[Material for the task Boundary: Start]
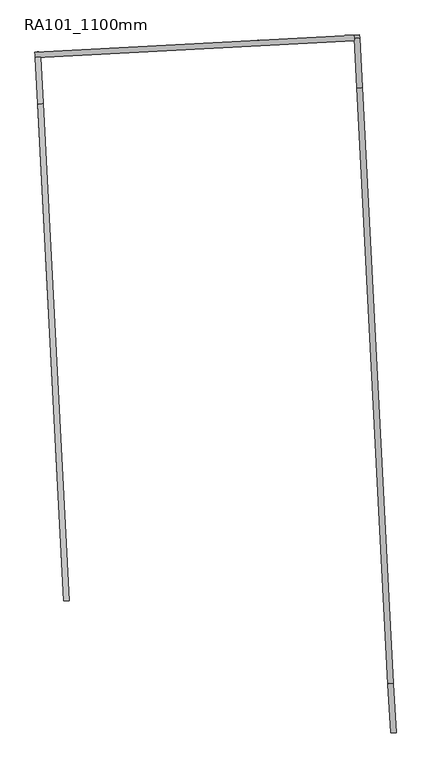
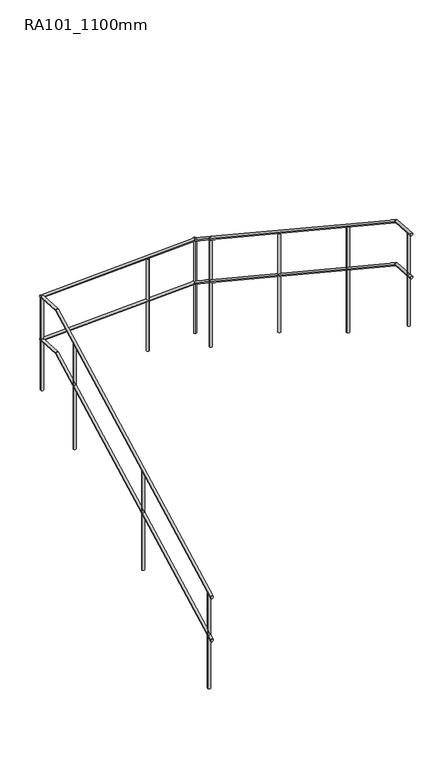
"""IFC4 building model written with IfcOpenShell, lengths in millimetres: railing geometry, RA101_1100mm."""

from ifc_helpers import new_model, si_unit, point, frame, frame_2d, origin, place, context, project, spatial, circle_curve, ellipse_curve, trimmed, segment, composite_curve, outline, extrude, source, transform, mapped, element, save
from ifc_brep_helpers import plane_surface, cylinder_surface, advanced_brep


def ra101_1100mm_54c19647(model_context):
    return source(origin(), model_context, "Body", "SolidModel", [
        advanced_brep(
        [(22896.1789103, 12534.7141331, 457.1248327), (22926.1377964, 12536.2842117, 457.1248327), (22754.6396676, 15235.4437699, 2210.0), (22784.5985536, 15237.0138486, 2210.0), (22741.5052252, 15486.0638601, 2210.0), (22771.4641113, 15487.6339388, 2210.0)],
        [
            (0, 1, ellipse_curve(frame((22911.1583533, 12535.4991724, 457.1248327), z_axis=(0.05233595624294174, -0.998629534754574, 0.0), x_axis=(0.0, 0.0, -0.9999999999999999)), 17.8751673, 15.0)),
            (1, 0, ellipse_curve(frame((22911.1583533, 12535.4991724, 457.1248327), z_axis=(0.05233595624294174, -0.998629534754574, 0.0), x_axis=(0.0, 0.0, -0.9999999999999999)), 17.8751673, 15.0)),
            (0, 2),
            (2, 3, ellipse_curve(frame((22769.6191106, 15236.2288092, 2210.0), z_axis=(0.05018733030882238, -0.9576313096148807, -0.28359038545367066), x_axis=(-0.014841974004015643, 0.28320173468646914, -0.9589455111101144)), 15.6421818, 15.0)),
            (3, 1),
            (3, 2, ellipse_curve(frame((22769.6191106, 15236.2288092, 2210.0), z_axis=(0.05018733030882238, -0.9576313096148807, -0.28359038545367066), x_axis=(-0.014841974004015643, 0.28320173468646914, -0.9589455111101144)), 15.6421818, 15.0)),
            (4, 5, circle_curve(frame((22756.4846683, 15486.8488994, 2210.0), z_axis=(-0.05233595624293797, 0.9986295347545743, 0.0), x_axis=(0.9986295347545743, 0.05233595624293797, 0.0)), 15.0)),
            (5, 4, circle_curve(frame((22756.4846683, 15486.8488994, 2210.0), z_axis=(-0.05233595624293797, 0.9986295347545743, 0.0), x_axis=(0.9986295347545743, 0.05233595624293797, 0.0)), 15.0)),
            (2, 4),
            (5, 3),
        ],
        [
            plane_surface(frame((22911.1583533, 12535.4991724, 475.0), z_axis=(0.05233595624294174, -0.998629534754574, 0.0), x_axis=(0.998629534754574, 0.05233595624294174, 0.0))),
            cylinder_surface(frame((22910.731374, 12543.6464234, 462.4127052), z_axis=(0.04391787398555367, -0.8380029565528062, -0.5438954542495689), x_axis=(0.998629534754574, 0.052335956242941746, 0.0)), 15.0),
            plane_surface(frame((22756.4846683, 15486.8488994, 2225.0), z_axis=(-0.05233595624294184, 0.998629534754574, 0.0), x_axis=(0.998629534754574, 0.05233595624294184, 0.0))),
            cylinder_surface(frame((22769.8512715, 15231.7989162, 2210.0), z_axis=(0.05233595624293797, -0.9986295347545743, 0.0), x_axis=(0.9986295347545743, 0.05233595624293797, 0.0)), 15.0),
        ],
        [
            (0, [[1, 2]]),
            (1, [[-1, 3, 4, 5]]),
            (1, [[-2, -5, 6, -3]]),
            (2, [[7, 8]]),
            (3, [[-4, 9, -8, 10]]),
            (3, [[-6, -10, -7, -9]]),
        ],
    ),
        advanced_brep(
        [(22739.9351465, 15516.0227461, 2210.0), (22741.5052252, 15486.0638601, 2210.0), (24475.8528668, 15606.9983388, 2210.0), (24477.4229455, 15577.0394528, 2210.0)],
        [
            (0, 1, circle_curve(frame((22740.7201859, 15501.0433031, 2210.0), z_axis=(-0.998629534754574, -0.05233595624294185, 0.0), x_axis=(0.05233595624294185, -0.998629534754574, 0.0)), 15.0)),
            (1, 0, circle_curve(frame((22740.7201859, 15501.0433031, 2210.0), z_axis=(-0.998629534754574, -0.05233595624294185, 0.0), x_axis=(0.05233595624294185, -0.998629534754574, 0.0)), 15.0)),
            (2, 3, circle_curve(frame((24476.6379061, 15592.0188958, 2210.0), z_axis=(0.998629534754574, 0.05233595624294185, 0.0), x_axis=(0.05233595624294185, -0.998629534754574, 0.0)), 15.0)),
            (3, 2, circle_curve(frame((24476.6379061, 15592.0188958, 2210.0), z_axis=(0.998629534754574, 0.05233595624294185, 0.0), x_axis=(0.05233595624294185, -0.998629534754574, 0.0)), 15.0)),
            (0, 2),
            (3, 1),
        ],
        [
            plane_surface(frame((22740.7201859, 15501.0433031, 2225.0), z_axis=(-0.9986295347545743, -0.052335956242937944, 0.0), x_axis=(0.052335956242937944, -0.9986295347545743, 0.0))),
            plane_surface(frame((24476.6379061, 15592.0188958, 2225.0), z_axis=(0.9986295347545743, 0.052335956242937104, 0.0), x_axis=(0.052335956242937104, -0.9986295347545743, 0.0))),
            cylinder_surface(frame((22740.7201859, 15501.0433031, 2210.0), z_axis=(-0.998629534754574, -0.05233595624294185, 0.0), x_axis=(0.05233595624294185, -0.998629534754574, 0.0)), 15.0),
        ],
        [
            (0, [[1, 2]]),
            (1, [[3, 4]]),
            (2, [[-1, 5, -4, 6]]),
            (2, [[-2, -6, -3, -5]]),
        ],
    ),
        advanced_brep(
        [(24505.8117528, 15608.5684175, 2210.0), (24475.8528668, 15606.9983388, 2210.0), (24506.8498874, 15588.7596297, 2210.0), (24476.8910014, 15587.189551, 2210.0), (24520.7484348, 15323.5595483, 2382.1248327), (24490.7895487, 15321.9894696, 2382.1248327)],
        [
            (0, 1, circle_curve(frame((24490.8323098, 15607.7833782, 2210.0), z_axis=(-0.052335956242937104, 0.9986295347545743, 0.0), x_axis=(-0.9986295347545743, -0.052335956242937104, 0.0)), 15.0)),
            (1, 0, circle_curve(frame((24490.8323098, 15607.7833782, 2210.0), z_axis=(-0.052335956242937104, 0.9986295347545743, 0.0), x_axis=(-0.9986295347545743, -0.052335956242937104, 0.0)), 15.0)),
            (0, 2),
            (2, 3, ellipse_curve(frame((24491.8704444, 15587.9745903, 2210.0), z_axis=(-0.050187330308819895, 0.9576313096148807, -0.28359038545367116), x_axis=(-0.014841974004020982, 0.2832017346864703, 0.9589455111101142)), 15.6421818, 15.0)),
            (3, 1),
            (3, 2, ellipse_curve(frame((24491.8704444, 15587.9745903, 2210.0), z_axis=(-0.050187330308819895, 0.9576313096148807, -0.28359038545367116), x_axis=(-0.014841974004020982, 0.2832017346864703, 0.9589455111101142)), 15.6421818, 15.0)),
            (4, 5, ellipse_curve(frame((24505.7689917, 15322.774509, 2382.1248327), z_axis=(0.052335956242937104, -0.9986295347545743, 0.0), x_axis=(0.0, 0.0, -1.0)), 17.8751673, 15.0)),
            (5, 4, ellipse_curve(frame((24505.7689917, 15322.774509, 2382.1248327), z_axis=(0.052335956242937104, -0.9986295347545743, 0.0), x_axis=(0.0, 0.0, -1.0)), 17.8751673, 15.0)),
            (2, 4),
            (5, 3),
        ],
        [
            plane_surface(frame((24490.8323098, 15607.7833782, 2225.0), z_axis=(-0.05233595624294184, 0.998629534754574, 0.0), x_axis=(0.998629534754574, 0.05233595624294184, 0.0))),
            cylinder_surface(frame((24490.8323098, 15607.7833782, 2210.0), z_axis=(-0.052335956242937104, 0.9986295347545743, 0.0), x_axis=(-0.9986295347545743, -0.052335956242937104, 0.0)), 15.0),
            plane_surface(frame((24505.7689917, 15322.774509, 2400.0), z_axis=(0.052335956242937104, -0.9986295347545743, 0.0), x_axis=(0.9986295347545743, 0.052335956242937104, 0.0))),
            cylinder_surface(frame((24492.0652629, 15584.2572324, 2212.4127052), z_axis=(-0.04391787398554974, 0.8380029565528057, -0.5438954542495701), x_axis=(-0.9986295347545743, -0.0523359562429371, 0.0)), 15.0),
        ],
        [
            (0, [[1, 2]]),
            (1, [[-1, 3, 4, 5]]),
            (1, [[-2, -5, 6, -3]]),
            (2, [[7, 8]]),
            (3, [[-4, 9, -8, 10]]),
            (3, [[-6, -10, -7, -9]]),
        ],
    ),
        advanced_brep(
        [(24520.7484348, 15323.5595483, 2382.1248327), (24490.7895487, 15321.9894696, 2382.1248327), (24690.5490938, 12083.5699627, 4485.0), (24660.5902078, 12081.999884, 4485.0), (24704.4476412, 11818.3698813, 4485.0), (24674.4887551, 11816.7998026, 4485.0)],
        [
            (0, 1, ellipse_curve(frame((24505.7689917, 15322.774509, 2382.1248327), z_axis=(-0.05233595624294191, 0.998629534754574, 0.0), x_axis=(0.0, 0.0, -1.0)), 17.8751673, 15.0)),
            (1, 0, ellipse_curve(frame((24505.7689917, 15322.774509, 2382.1248327), z_axis=(-0.05233595624294191, 0.998629534754574, 0.0), x_axis=(0.0, 0.0, -1.0)), 17.8751673, 15.0)),
            (0, 2),
            (2, 3, ellipse_curve(frame((24675.5696508, 12082.7849234, 4485.0), z_axis=(-0.05018733030882025, 0.9576313096148807, -0.28359038545367127), x_axis=(0.014841974004007963, -0.28320173468647103, -0.9589455111101143)), 15.6421818, 15.0)),
            (3, 1),
            (3, 2, ellipse_curve(frame((24675.5696508, 12082.7849234, 4485.0), z_axis=(-0.05018733030882025, 0.9576313096148807, -0.28359038545367127), x_axis=(0.014841974004007963, -0.28320173468647103, -0.9589455111101143)), 15.6421818, 15.0)),
            (4, 5, circle_curve(frame((24689.4681982, 11817.584842, 4485.0), z_axis=(0.05233595624293375, -0.9986295347545745, 0.0), x_axis=(-0.9986295347545745, -0.05233595624293375, 0.0)), 15.0)),
            (5, 4, circle_curve(frame((24689.4681982, 11817.584842, 4485.0), z_axis=(0.05233595624293375, -0.9986295347545745, 0.0), x_axis=(-0.9986295347545745, -0.05233595624293375, 0.0)), 15.0)),
            (2, 4),
            (5, 3),
        ],
        [
            plane_surface(frame((24505.7689917, 15322.774509, 2400.0), z_axis=(-0.05233595624294191, 0.998629534754574, 0.0), x_axis=(0.998629534754574, 0.05233595624294191, 0.0))),
            cylinder_surface(frame((24506.1959711, 15314.627258, 2387.4127052), z_axis=(-0.04391787398555378, 0.8380029565528053, -0.5438954542495702), x_axis=(-0.998629534754574, -0.052335956242941926, 0.0)), 15.0),
            plane_surface(frame((24689.4681982, 11817.584842, 4500.0), z_axis=(0.05233595624293375, -0.9986295347545745, 0.0), x_axis=(0.9986295347545745, 0.05233595624293375, 0.0))),
            cylinder_surface(frame((24675.33749, 12087.2148164, 4485.0), z_axis=(-0.05233595624293375, 0.9986295347545745, 0.0), x_axis=(-0.9986295347545745, -0.05233595624293375, 0.0)), 15.0),
        ],
        [
            (0, [[1, 2]]),
            (1, [[-1, 3, 4, 5]]),
            (1, [[-2, -5, 6, -3]]),
            (2, [[7, 8]]),
            (3, [[-4, 9, -8, 10]]),
            (3, [[-6, -10, -7, -9]]),
        ],
    ),
        advanced_brep(
        [(22896.1789103, 12534.7141331, 957.1248327), (22926.1377964, 12536.2842117, 957.1248327), (22754.6396676, 15235.4437699, 2710.0), (22784.5985536, 15237.0138486, 2710.0), (22741.5052252, 15486.0638601, 2710.0), (22771.4641113, 15487.6339388, 2710.0)],
        [
            (0, 1, ellipse_curve(frame((22911.1583533, 12535.4991724, 957.1248327), z_axis=(0.05233595624294174, -0.998629534754574, 0.0), x_axis=(0.0, 0.0, -0.9999999999999999)), 17.8751673, 15.0)),
            (1, 0, ellipse_curve(frame((22911.1583533, 12535.4991724, 957.1248327), z_axis=(0.05233595624294174, -0.998629534754574, 0.0), x_axis=(0.0, 0.0, -0.9999999999999999)), 17.8751673, 15.0)),
            (0, 2),
            (2, 3, ellipse_curve(frame((22769.6191106, 15236.2288092, 2710.0), z_axis=(0.05018733030882238, -0.9576313096148807, -0.28359038545367066), x_axis=(-0.014841974004015643, 0.28320173468646914, -0.9589455111101144)), 15.6421818, 15.0)),
            (3, 1),
            (3, 2, ellipse_curve(frame((22769.6191106, 15236.2288092, 2710.0), z_axis=(0.05018733030882238, -0.9576313096148807, -0.28359038545367066), x_axis=(-0.014841974004015643, 0.28320173468646914, -0.9589455111101144)), 15.6421818, 15.0)),
            (4, 5, circle_curve(frame((22756.4846683, 15486.8488994, 2710.0), z_axis=(-0.05233595624293797, 0.9986295347545743, 0.0), x_axis=(0.9986295347545743, 0.05233595624293797, 0.0)), 15.0)),
            (5, 4, circle_curve(frame((22756.4846683, 15486.8488994, 2710.0), z_axis=(-0.05233595624293797, 0.9986295347545743, 0.0), x_axis=(0.9986295347545743, 0.05233595624293797, 0.0)), 15.0)),
            (2, 4),
            (5, 3),
        ],
        [
            plane_surface(frame((22911.1583533, 12535.4991724, 975.0), z_axis=(0.05233595624294174, -0.998629534754574, 0.0), x_axis=(0.998629534754574, 0.05233595624294174, 0.0))),
            cylinder_surface(frame((22910.731374, 12543.6464234, 962.4127052), z_axis=(0.04391787398555367, -0.8380029565528062, -0.5438954542495689), x_axis=(0.998629534754574, 0.052335956242941746, 0.0)), 15.0),
            plane_surface(frame((22756.4846683, 15486.8488994, 2725.0), z_axis=(-0.05233595624294184, 0.998629534754574, 0.0), x_axis=(0.998629534754574, 0.05233595624294184, 0.0))),
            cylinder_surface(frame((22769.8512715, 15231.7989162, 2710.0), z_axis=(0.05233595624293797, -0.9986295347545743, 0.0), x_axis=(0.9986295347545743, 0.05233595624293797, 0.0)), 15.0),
[Material for the task Boundary: End]
**Your instructions**
The answer must consist of every line from the listing above that includes the word "import".

**Task solution**
from ifc_helpers import new_model, si_unit, point, frame, frame_2d, origin, place, context, project, spatial, circle_curve, ellipse_curve, trimmed, segment, composite_curve, outline, extrude, source, transform, mapped, element, save
from ifc_brep_helpers import plane_surface, cylinder_surface, advanced_brep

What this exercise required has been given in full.